ACTION ITEM:
Find the word "sources" in the material below and gather every line that contains it.

##### INPUT RECORDS #####

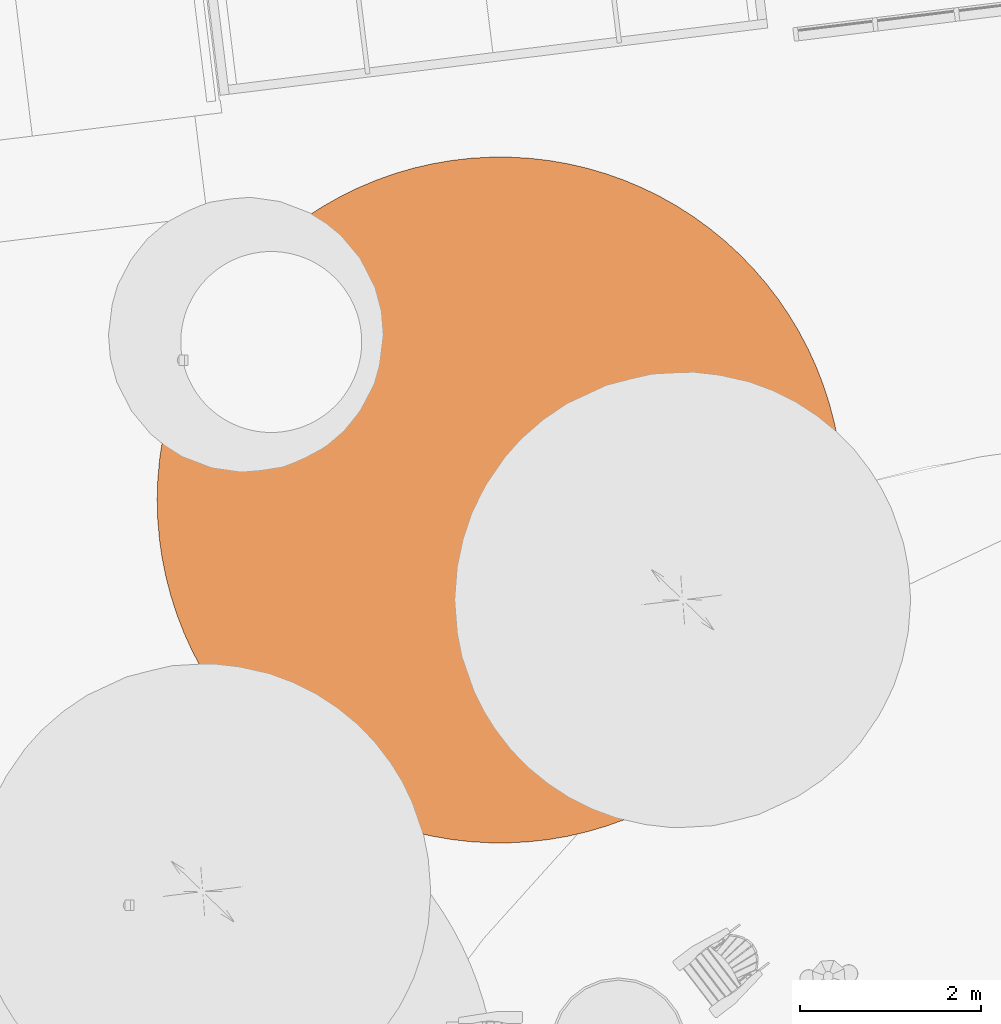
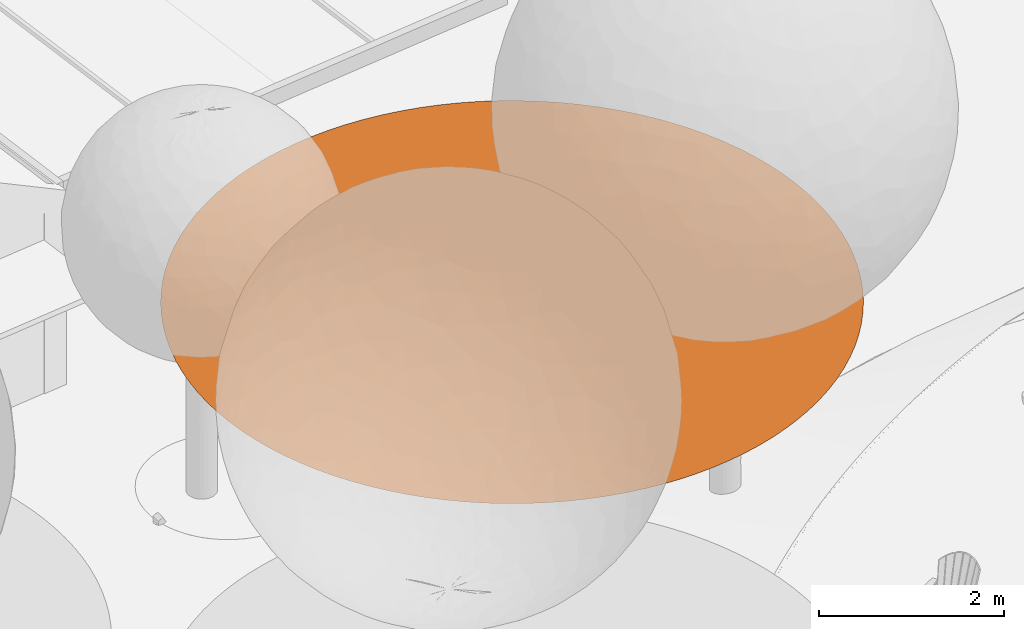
# One storey, part 75 of 75: 1 proxy.
"""IFC2X3 building model written with IfcOpenShell, lengths in metres."""

import ifcopenshell
import ifcopenshell.guid

model = None  # the IFC model being written
_history = None  # IfcOwnerHistory: only IFC2X3 demands one
_inside = {}  # id of a spatial element -> (the spatial element, [elements in it])
_under = {}  # id of a project, library or spatial element -> (it, [spatial elements below it])
_declared = {}  # id of a project -> (the project, [libraries it declares])
_typed = {}  # id of a type object -> (the type object, [elements of that type])
_made_of = {}  # id of a material, layer set ... -> (it, [elements and type objects made of it])


def new_model(schema):
    """Start an empty IFC model of exactly this schema.

    Asked for "IFC4X3", IfcOpenShell would pick the latest addendum, in which some entities
    have other attributes; the version numbers below select the first issue.
    IFC2X3 requires an IfcOwnerHistory on every rooted entity: one is made here for all.
    """
    global model, _history
    if schema == "IFC4X3":
        model = ifcopenshell.file(schema_version=(4, 3, 0, 0))
    else:
        model = ifcopenshell.file(schema=schema)
    _inside.clear()
    _under.clear()
    _declared.clear()
    _typed.clear()
    _made_of.clear()
    _history = None
    if model.schema == "IFC2X3":
        org = make("IfcOrganization", Name="unknown")
        user = make(
            "IfcPersonAndOrganization",
            ThePerson=make("IfcPerson", FamilyName="unknown"),
            TheOrganization=org,
        )
        app = make(
            "IfcApplication",
            ApplicationDeveloper=org,
            Version="unknown",
            ApplicationFullName="unknown",
            ApplicationIdentifier="unknown",
        )
        _history = make(
            "IfcOwnerHistory",
            OwningUser=user,
            OwningApplication=app,
            ChangeAction="ADDED",
            CreationDate=0,
        )
    return model


def make(cls, **values):
    """One entity of the class cls with the attributes given. An attribute that is None is left unset."""
    return model.create_entity(
        cls, **{name: value for name, value in values.items() if value is not None}
    )


def entity(cls, *values):
    """Any entity or typed value of the class cls, its attributes in the order of the schema. None: left unset."""
    e = model.create_entity(cls)
    for i, value in enumerate(values):
        if value is not None:
            e[i] = value
    return e


def rooted(cls, **values):
    """An entity with a GlobalId (a new one), such as an element, a storey or a relation."""
    return make(cls, GlobalId=ifcopenshell.guid.new(), OwnerHistory=_history, **values)


def si_unit(unit_type, name, prefix=None):
    """IfcSIUnit, for example si_unit("LENGTHUNIT", "METRE", prefix="MILLI")."""
    return make("IfcSIUnit", UnitType=unit_type, Prefix=prefix, Name=name)


def converted_unit(unit_type, name, factor, base, dimensions=None, offset=None):
    """IfcConversionBasedUnit, such as the inch: factor (a typed value) times the base unit."""
    return make(
        "IfcConversionBasedUnit"
        if offset is None
        else "IfcConversionBasedUnitWithOffset",
        ConversionOffset=offset,
        Dimensions=None
        if dimensions is None
        else entity("IfcDimensionalExponents", *dimensions),
        UnitType=unit_type,
        Name=name,
        ConversionFactor=make(
            "IfcMeasureWithUnit", ValueComponent=factor, UnitComponent=base
        ),
    )


def derived_unit(unit_type, elements):
    """IfcDerivedUnit: a product of units, each with its exponent."""
    return make(
        "IfcDerivedUnit",
        Elements=[
            make("IfcDerivedUnitElement", Unit=unit, Exponent=power)
            for unit, power in elements
        ],
        UnitType=unit_type,
    )


def assignment(units):
    """IfcUnitAssignment: the units of a project."""
    return None if units is None else make("IfcUnitAssignment", Units=units)


def point(xyz):
    """IfcCartesianPoint."""
    return None if xyz is None else make("IfcCartesianPoint", Coordinates=xyz)


def direction(xyz):
    """IfcDirection."""
    return None if xyz is None else make("IfcDirection", DirectionRatios=xyz)


def frame(location, z_axis=None, x_axis=None):
    """IfcAxis2Placement3D, a coordinate frame: its origin and axes. An axis left out is left unset."""
    return make(
        "IfcAxis2Placement3D",
        Location=point(location),
        Axis=direction(z_axis),
        RefDirection=direction(x_axis),
    )


def origin():
    """The frame at (0, 0, 0) with its axes left unset."""
    return frame((0.0, 0.0, 0.0))


def place(relative_to, where):
    """IfcLocalPlacement: puts the frame where relative to a parent placement (None: the world)."""
    return make(
        "IfcLocalPlacement", PlacementRelTo=relative_to, RelativePlacement=where
    )


def context(
    kind, dimensions, precision=None, world=None, true_north=None, identifier=None
):
    """IfcGeometricRepresentationContext, for example the 3D "Model" context."""
    return make(
        "IfcGeometricRepresentationContext",
        ContextIdentifier=identifier,
        ContextType=kind,
        CoordinateSpaceDimension=dimensions,
        Precision=precision,
        WorldCoordinateSystem=world,
        TrueNorth=true_north,
    )


def subcontext(parent, identifier, kind, view, scale=None):
    """IfcGeometricRepresentationSubContext, for example "Body" below "Model"."""
    return make(
        "IfcGeometricRepresentationSubContext",
        ContextIdentifier=identifier,
        ContextType=kind,
        ParentContext=parent,
        TargetScale=scale,
        TargetView=view,
    )


def project(units=None, contexts=None):
    """IfcProject with its units and contexts."""
    return rooted(
        "IfcProject",
        Name="project",
        RepresentationContexts=contexts,
        UnitsInContext=assignment(units),
    )


def spatial(cls, under=None, at=None, **own):
    """A site, building, storey or space (cls), placed at a placement, below another one or the project."""
    s = rooted(cls, ObjectPlacement=at, **own)
    if under is not None:
        _under.setdefault(under.id(), (under, []))[1].append(s)
    return s


def faces_of(points, faces, orient=None, outer=None):
    """IfcFace entities. A face is a list of loops; a loop is a list of indices into points, from 0.

    orient and outer hold one flag for each loop. By default every Orientation is true, the
    first loop of a face is its IfcFaceOuterBound and the others are IfcFaceBound.
    """
    made = []
    for i, loops in enumerate(faces):
        bounds = []
        for j, loop in enumerate(loops):
            is_outer = j == 0 if outer is None else outer[i][j]
            bounds.append(
                make(
                    "IfcFaceOuterBound" if is_outer else "IfcFaceBound",
                    Bound=make("IfcPolyLoop", Polygon=[points[k] for k in loop]),
                    Orientation=True if orient is None else orient[i][j],
                )
            )
        made.append(make("IfcFace", Bounds=bounds))
    return made


def face_set(faces, orient=None, outer=None):
    """The faces of one IfcConnectedFaceSet. surface_model builds it on its shared points."""
    return ("IfcConnectedFaceSet", faces, orient, outer)


def surface_model(cls, points, shells):
    """IfcFaceBasedSurfaceModel or IfcShellBasedSurfaceModel (cls): surfaces that need not close."""
    shared = [point(p) for p in points]
    made = [make(c, CfsFaces=faces_of(shared, fs, o, b)) for c, fs, o, b in shells]
    if cls == "IfcFaceBasedSurfaceModel":
        return make(cls, FbsmFaces=made)
    return make(cls, SbsmBoundary=made)


def shape(context_of_items, identifier, shape_type, items):
    """IfcShapeRepresentation: the items that make up one representation, for example the "Body"."""
    return make(
        "IfcShapeRepresentation",
        ContextOfItems=context_of_items,
        RepresentationIdentifier=identifier,
        RepresentationType=shape_type,
        Items=items,
    )


def source(mapping_origin, context_of_items, identifier, shape_type, items):
    """IfcRepresentationMap: a shape defined once, which mapped items show again and again."""
    return make(
        "IfcRepresentationMap",
        MappingOrigin=mapping_origin,
        MappedRepresentation=shape(context_of_items, identifier, shape_type, items),
    )


def transform(
    local_origin,
    x_axis=None,
    y_axis=None,
    z_axis=None,
    scale=None,
    scale2=None,
    scale3=None,
    uniform=True,
):
    """IfcCartesianTransformationOperator3D, or its non-uniform kind. x_axis, y_axis, z_axis: its Axis1, 2, 3."""
    if uniform:
        return make(
            "IfcCartesianTransformationOperator3D",
            Axis1=direction(x_axis),
            Axis2=direction(y_axis),
            LocalOrigin=point(local_origin),
            Scale=scale,
            Axis3=direction(z_axis),
        )
    return make(
        "IfcCartesianTransformationOperator3DnonUniform",
        Axis1=direction(x_axis),
        Axis2=direction(y_axis),
        LocalOrigin=point(local_origin),
        Scale=scale,
        Axis3=direction(z_axis),
        Scale2=scale2,
        Scale3=scale3,
    )


def mapped(mapping_source, mapping_target):
    """IfcMappedItem: shows the shape of a source again, moved by a transform."""
    return make(
        "IfcMappedItem", MappingSource=mapping_source, MappingTarget=mapping_target
    )


def material(Name=None, Category=None):
    """IfcMaterial."""
    return make("IfcMaterial", Name=Name, Category=Category)


def made_of(thing, what):
    """Note that an element or type object is made of a material, layer set ...; save() writes the relation."""
    if what is not None:
        _made_of.setdefault(what.id(), (what, []))[1].append(thing)
    return thing


def type_object(cls, material=None, **own):
    """A type object (cls), such as IfcWallType, which elements share."""
    return made_of(rooted(cls, **own), material)


def type_shapes(of_type, sources):
    """Give a type object the sources (RepresentationMaps) that its elements show as mapped items."""
    of_type.RepresentationMaps = sources


def element(
    cls,
    number,
    at=None,
    inside=None,
    cuts=None,
    type_object=None,
    material=None,
    context=None,
    identifier="Body",
    shape_type=None,
    held_by="IfcProductDefinitionShape",
    body=None,
    shapes=None,
    **own,
):
    """One element of the class cls, such as IfcWall. Its Tag is "e" and its number.

    at: its placement. inside: the storey or other place that contains it. cuts: it is an
    opening in that element (IfcRelVoidsElement). A single representation is given by context,
    identifier, shape_type and body (its items); several are given by shapes. held_by: the class
    of the entity that holds the representations. save() writes the other relations.
    """
    e = rooted(cls, Tag="e%d" % number, ObjectPlacement=at, **own)
    if body is not None:
        shapes = [shape(context, identifier, shape_type, body)]
    if shapes is not None:
        e.Representation = make(held_by, Representations=shapes)
    if inside is not None:
        _inside.setdefault(inside.id(), (inside, []))[1].append(e)
    if cuts is not None:
        rooted(
            "IfcRelVoidsElement", RelatingBuildingElement=cuts, RelatedOpeningElement=e
        )
    if type_object is not None:
        _typed.setdefault(type_object.id(), (type_object, []))[1].append(e)
    return made_of(e, material)


def aggregate(whole, parts):
    """IfcRelAggregates: a whole, such as a stair, and the parts it consists of."""
    return rooted("IfcRelAggregates", RelatingObject=whole, RelatedObjects=parts)


def save(model, path):
    """Write the relations noted so far, then the file.

    IfcRelAggregates (storeys below a building ...), IfcRelContainedInSpatialStructure (elements
    in a storey), IfcRelDefinesByType, IfcRelAssociatesMaterial and IfcRelDeclares: one each for
    every whole, place, type object, material and project.
    """
    for whole, parts in _under.values():
        aggregate(whole, parts)
    for where, things in _inside.values():
        rooted(
            "IfcRelContainedInSpatialStructure",
            RelatedElements=things,
            RelatingStructure=where,
        )
    for kind, things in _typed.values():
        rooted("IfcRelDefinesByType", RelatedObjects=things, RelatingType=kind)
    for what, things in _made_of.values():
        rooted("IfcRelAssociatesMaterial", RelatedObjects=things, RelatingMaterial=what)
    for by, libraries in _declared.values():
        rooted("IfcRelDeclares", RelatingContext=by, RelatedDefinitions=libraries)
    model.write(path)


model = new_model("IFC2X3")

# Units and contexts
model_context = context("Model", 3, precision=1e-05, world=origin(), true_north=direction((6.123031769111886e-17, 1.0)))
body_context = subcontext(model_context, "Body", "Model", "MODEL_VIEW")
ifc_project = project(units=[si_unit("LENGTHUNIT", "METRE"), si_unit("AREAUNIT", "SQUARE_METRE"), si_unit("VOLUMEUNIT", "CUBIC_METRE"), converted_unit("PLANEANGLEUNIT", "DEGREE", entity("IfcRatioMeasure", 0.017453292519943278), si_unit("PLANEANGLEUNIT", "RADIAN"), dimensions=[0, 0, 0, 0, 0, 0, 0]), si_unit("MASSUNIT", "GRAM", prefix="KILO"), derived_unit("MASSDENSITYUNIT", [(si_unit("MASSUNIT", "GRAM", prefix="KILO"), 1), (si_unit("LENGTHUNIT", "METRE"), -3)]), derived_unit("IONCONCENTRATIONUNIT", [(si_unit("MASSUNIT", "GRAM", prefix="KILO"), 1), (si_unit("LENGTHUNIT", "METRE"), -3)]), derived_unit("MOMENTOFINERTIAUNIT", [(si_unit("LENGTHUNIT", "METRE"), 4)]), si_unit("TIMEUNIT", "SECOND"), si_unit("FREQUENCYUNIT", "HERTZ"), si_unit("THERMODYNAMICTEMPERATUREUNIT", "DEGREE_CELSIUS"), derived_unit("THERMALTRANSMITTANCEUNIT", [(si_unit("MASSUNIT", "GRAM", prefix="KILO"), 1), (si_unit("THERMODYNAMICTEMPERATUREUNIT", "KELVIN"), -1), (si_unit("TIMEUNIT", "SECOND"), -3)]), derived_unit("THERMALCONDUCTANCEUNIT", [(si_unit("MASSUNIT", "GRAM", prefix="KILO"), 1), (si_unit("THERMODYNAMICTEMPERATUREUNIT", "KELVIN"), -1), (si_unit("TIMEUNIT", "SECOND"), -3), (si_unit("LENGTHUNIT", "METRE"), 1)]), derived_unit("VOLUMETRICFLOWRATEUNIT", [(si_unit("LENGTHUNIT", "METRE"), 3), (si_unit("TIMEUNIT", "SECOND"), -1)]), derived_unit("MASSFLOWRATEUNIT", [(si_unit("MASSUNIT", "GRAM", prefix="KILO"), 1), (si_unit("TIMEUNIT", "SECOND"), -1)]), derived_unit("ROTATIONALFREQUENCYUNIT", [(si_unit("TIMEUNIT", "SECOND"), -1)]), si_unit("ELECTRICCURRENTUNIT", "AMPERE"), si_unit("ELECTRICVOLTAGEUNIT", "VOLT"), si_unit("POWERUNIT", "WATT"), si_unit("FORCEUNIT", "NEWTON", prefix="KILO"), si_unit("ILLUMINANCEUNIT", "LUX"), si_unit("LUMINOUSFLUXUNIT", "LUMEN"), si_unit("LUMINOUSINTENSITYUNIT", "CANDELA"), derived_unit("USERDEFINED", [(si_unit("MASSUNIT", "GRAM", prefix="KILO"), -1), (si_unit("LENGTHUNIT", "METRE"), -2), (si_unit("TIMEUNIT", "SECOND"), 3), (si_unit("LUMINOUSFLUXUNIT", "LUMEN"), 1)]), derived_unit("USERDEFINED", [(si_unit("MASSUNIT", "GRAM", prefix="KILO"), 1), (si_unit("TIMEUNIT", "SECOND"), -3), (si_unit("LENGTHUNIT", "METRE"), 3), (si_unit("ELECTRICCURRENTUNIT", "AMPERE"), -2)]), derived_unit("SOUNDPOWERUNIT", [(si_unit("MASSUNIT", "GRAM", prefix="KILO"), 1), (si_unit("TIMEUNIT", "SECOND"), -3), (si_unit("LENGTHUNIT", "METRE"), 2)]), derived_unit("SOUNDPRESSUREUNIT", [(si_unit("MASSUNIT", "GRAM", prefix="KILO"), 1), (si_unit("LENGTHUNIT", "METRE"), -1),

#####

ANSWER SECTION:
def type_shapes(of_type, sources):
    """Give a type object the sources (RepresentationMaps) that its elements show as mapped items."""
    of_type.RepresentationMaps = sources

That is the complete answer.